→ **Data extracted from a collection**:
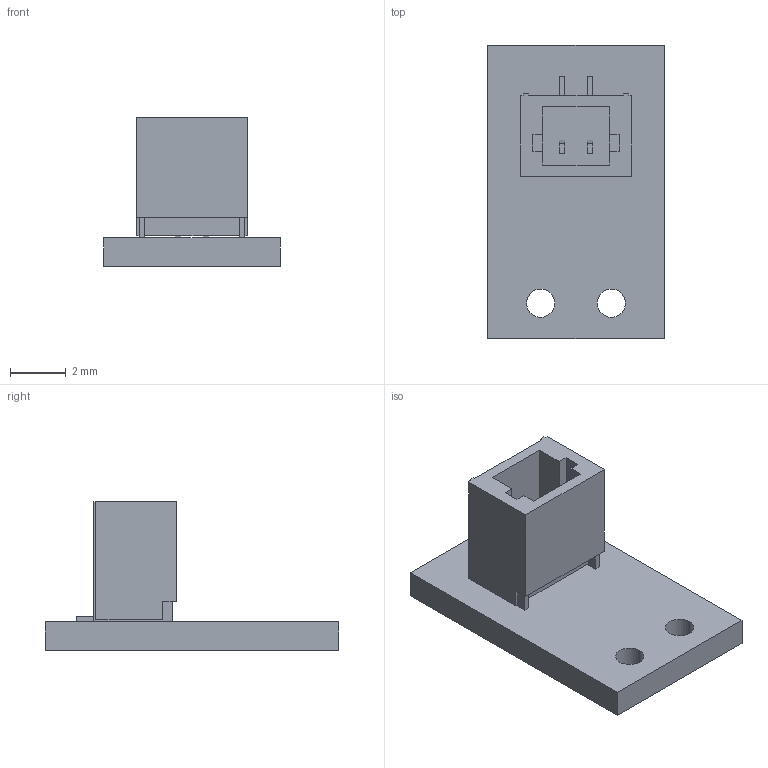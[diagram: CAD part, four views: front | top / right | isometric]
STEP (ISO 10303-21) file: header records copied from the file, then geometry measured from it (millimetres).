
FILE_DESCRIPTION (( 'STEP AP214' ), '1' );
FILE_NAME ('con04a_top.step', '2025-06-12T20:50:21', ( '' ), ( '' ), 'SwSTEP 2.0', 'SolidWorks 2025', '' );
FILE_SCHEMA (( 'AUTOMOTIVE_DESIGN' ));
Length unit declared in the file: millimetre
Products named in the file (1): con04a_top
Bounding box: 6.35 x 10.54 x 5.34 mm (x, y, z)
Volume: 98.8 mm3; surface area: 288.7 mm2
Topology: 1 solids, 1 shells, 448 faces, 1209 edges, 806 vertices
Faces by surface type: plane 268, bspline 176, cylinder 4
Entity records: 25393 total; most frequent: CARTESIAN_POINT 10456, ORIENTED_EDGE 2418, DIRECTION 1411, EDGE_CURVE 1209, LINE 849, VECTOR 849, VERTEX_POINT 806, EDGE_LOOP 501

→ **Exercise directions**: From the first line to the last, copy the records above exactly and leave out the pictures.

→ **Result of this task**:
[diagram: CAD part, four views: front | top / right | isometric]
STEP (ISO 10303-21) file: header records copied from the file, then geometry measured from it (millimetres).
FILE_DESCRIPTION (( 'STEP AP214' ), '1' );
FILE_NAME ('con04a_top.step', '2025-06-12T20:50:21', ( '' ), ( '' ), 'SwSTEP 2.0', 'SolidWorks 2025', '' );
FILE_SCHEMA (( 'AUTOMOTIVE_DESIGN' ));
Length unit declared in the file: millimetre
Products named in the file (1): con04a_top
Bounding box: 6.35 x 10.54 x 5.34 mm (x, y, z)
Volume: 98.8 mm3; surface area: 288.7 mm2
Topology: 1 solids, 1 shells, 448 faces, 1209 edges, 806 vertices
Faces by surface type: plane 268, bspline 176, cylinder 4
Entity records: 25393 total; most frequent: CARTESIAN_POINT 10456, ORIENTED_EDGE 2418, DIRECTION 1411, EDGE_CURVE 1209, LINE 849, VECTOR 849, VERTEX_POINT 806, EDGE_LOOP 501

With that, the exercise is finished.